At the risk of taking anime too seriously, a part of the reason my fandom has endured for as many years as it has is the idea of “stickiness”. And yes, feel free to leave your perverted jokes in the comments (jerks.)
I had a schoolmate who explained to me once how he thought about “good” movies: there were movies which were well made, had high budgets, excellent cinematography and which were all-around entertaining and pleasing to watch. When you ask most people what they think a “good” movie is, they’ll often give you examples from this type. However, he explained, there was also a second type: these were the movies that you couldn’t live without. Movies that, after watching them, changed the way your viewed the world. American Beauty’s iconic plastic bag scene is an example of this. What does the plastic bag hold that, for example, District Nine doesn’t? Stickiness. Even if it’s just in the immediate afterglow of watching the movie, suddenly every leaf moving in the wind becomes beautiful to the point of pain. Moreover, the beauty is in the execution of this scene: it hits you, without warning. We’re completely unprepared for it, and are figuratively knocked backwards by it. When something is sticky, you don’t just see or hear it, somehow, you experience it.
Admittedly, I came to Macross Plus rather late in my anime career (only last year) – but undoubtedly it was sticky.

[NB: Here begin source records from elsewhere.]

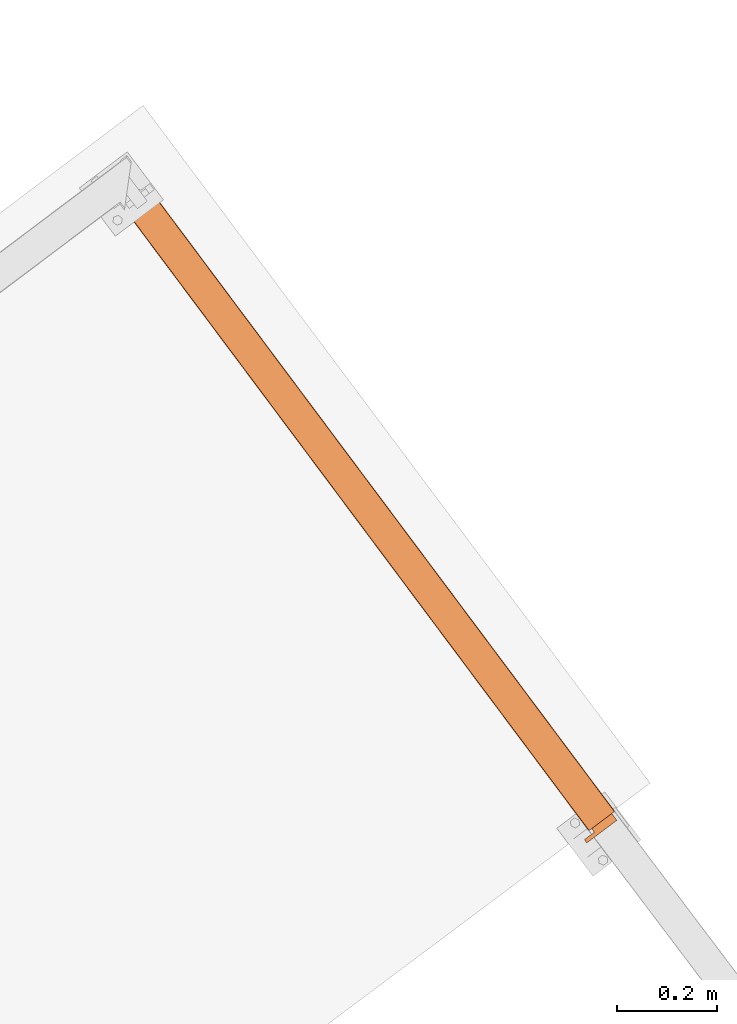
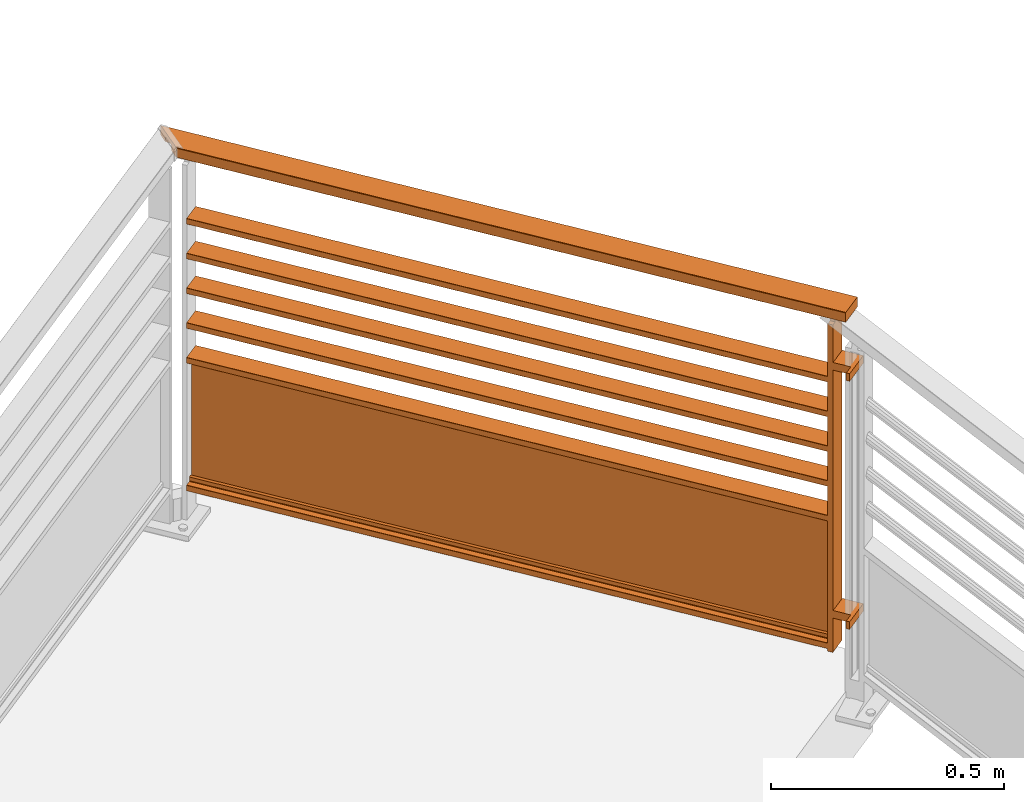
# One storey, part 120 of 121: 1 proxy.
"""IFC2X3 building model written with IfcOpenShell, lengths in metres."""

from ifc_helpers import new_model, entity, si_unit, converted_unit, derived_unit, money_unit, direction, frame, origin_with_axes, place, context, subcontext, project, spatial, faceted_brep, type_object, element, save


model = new_model("IFC2X3")

# Units and contexts
model_context = context("Model", 3, precision=1e-05, world=origin_with_axes(), true_north=direction((0.0, 1.0)))
body_context = subcontext(model_context, "Body", "Model", "MODEL_VIEW")
ifc_project = project(units=[si_unit("LENGTHUNIT", "METRE"), si_unit("AREAUNIT", "SQUARE_METRE"), si_unit("VOLUMEUNIT", "CUBIC_METRE"), converted_unit("PLANEANGLEUNIT", "DEGREE", entity("IfcPlaneAngleMeasure", 0.0174532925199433), si_unit("PLANEANGLEUNIT", "RADIAN"), dimensions=[0, 0, 0, 0, 0, 0, 0]), money_unit("CHF"), converted_unit("TIMEUNIT", "Year", entity("IfcTimeMeasure", 31557600.0), si_unit("TIMEUNIT", "SECOND"), dimensions=[0, 0, 1, 0, 0, 0, 0]), si_unit("MASSUNIT", "GRAM", prefix="KILO"), si_unit("THERMODYNAMICTEMPERATUREUNIT", "DEGREE_CELSIUS"), si_unit("LUMINOUSINTENSITYUNIT", "LUMEN"), si_unit("ENERGYUNIT", "JOULE", prefix="MEGA"), derived_unit("THERMALCONDUCTANCEUNIT", [(si_unit("POWERUNIT", "WATT"), 1), (si_unit("LENGTHUNIT", "METRE"), -1), (si_unit("THERMODYNAMICTEMPERATUREUNIT", "KELVIN"), -1)]), derived_unit("SPECIFICHEATCAPACITYUNIT", [(si_unit("ENERGYUNIT", "JOULE"), 1), (si_unit("MASSUNIT", "GRAM", prefix="KILO"), -1), (si_unit("THERMODYNAMICTEMPERATUREUNIT", "KELVIN"), -1)]), derived_unit("MASSDENSITYUNIT", [(si_unit("MASSUNIT", "GRAM", prefix="KILO"), 1), (si_unit("VOLUMEUNIT", "CUBIC_METRE"), -1)])], contexts=[model_context])

# Site, building, storey
site_placement = place(None, origin_with_axes())
site = spatial("IfcSite", under=ifc_project, at=site_placement, Name="Site", CompositionType="ELEMENT")
building_placement = place(site_placement, origin_with_axes())
building = spatial("IfcBuilding", under=site, at=building_placement, Name="Bâtiment", CompositionType="ELEMENT")
storey_placement = place(building_placement, frame((0.0, 0.0, 2.75), z_axis=(0.0, 0.0, 1.0), x_axis=(1.0, 0.0, 0.0)))
storey = spatial("IfcBuildingStorey", under=building, at=storey_placement, Name="Etage 1", CompositionType="ELEMENT", Elevation=2.75)

# Proxy
building_element_proxy_type = type_object("IfcBuildingElementProxyType", PredefinedType="NOTDEFINED")
proxy_placement = place(storey_placement, frame((9544.258487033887, -1073.205003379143, 57.7), z_axis=(0.0, 0.0, 1.0), x_axis=(0.5985049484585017, -0.8011191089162, 0.0)))
element("IfcBuildingElementProxy", 1, at=proxy_placement, inside=storey, type_object=building_element_proxy_type, Name="Obj.-003", context=body_context, shape_type="Brep", body=[
    faceted_brep([(-0.02000000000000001, -0.0635, 0.9731), (-0.02000000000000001, -0.0625, 0.9741), (-0.01700000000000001, -0.0625, 0.9741), (-0.01700000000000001, -0.0635, 0.9731), (-0.02, -0.1265, 0.9731), (-0.02, -0.1275, 0.9741), (-0.02000000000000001, -0.1275, 0.998105), (-0.02000000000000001, -0.126563, 0.999103), (-0.02000000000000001, -0.063437, 0.999103), (-0.02000000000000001, -0.0625, 0.998105), (-0.01700000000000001, -0.0625, 0.998105), (-0.01700000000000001, -0.063437, 0.999103), (-0.01700000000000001, -0.126563, 0.999103), (-0.01700000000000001, -0.1275, 0.998105), (-0.017, -0.1275, 0.9741), (-0.017, -0.1265, 0.9731)], [[[0, 1, 2, 3]], [[0, 4, 5, 6, 7, 8, 9, 1]], [[1, 9, 10, 2]], [[3, 2, 10, 11, 12, 13, 14, 15]], [[4, 0, 3, 15]], [[5, 4, 15, 14]], [[6, 5, 14, 13]], [[7, 6, 13, 12]], [[8, 7, 12, 11]], [[9, 8, 11, 10]]]),
    faceted_brep([(-0.02000000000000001, -0.0625, 0.998105), (-1.646753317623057, -0.0625000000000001, 0.9981049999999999), (-1.64581644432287, -0.06343687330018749, 0.9991030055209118), (-0.02000000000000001, -0.0634368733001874, 0.9991030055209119), (-0.02000000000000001, -0.0625, 0.9741), (-1.646753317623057, -0.0625000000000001, 0.9740999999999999), (-1.645753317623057, -0.0635000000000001, 0.9730999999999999), (-1.627253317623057, -0.0820000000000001, 0.9730999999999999), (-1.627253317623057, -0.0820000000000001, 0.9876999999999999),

The first scenes are nothing short of enchanting, but what ultimately stays with you is the entirely human story: the characters have all given up childhood dreams of some sort – only to realize, in their hollow adult lives, how deep a part of them those dreams were. The resonance – and the extreme sorrow – of this situation is one any adult realizes, eventually: that the true promise of adulthood isn’t the realization of dreams, but the gradual shedding of them, until all that’s left is routine and draining. This is the part of Macross Plus that sticks with us. The reminder of sorrow, and what we’ve lost. And, as we hear the haunting opening, see the icons the OVA presents us, we’re transported back to those emotions, and to the times in our own lives where we’ve felt similar.
When you think on it, the ability for a static media – moving images – to grip you so deeply that a mere few notes in a song, or a simple image evokes so much is amazing. You have no part in this experience other than to be the conduit of emotions – no control. This is why anime like Macross Plus are important – and why the idea of “stickiness” is a something all creators strive for.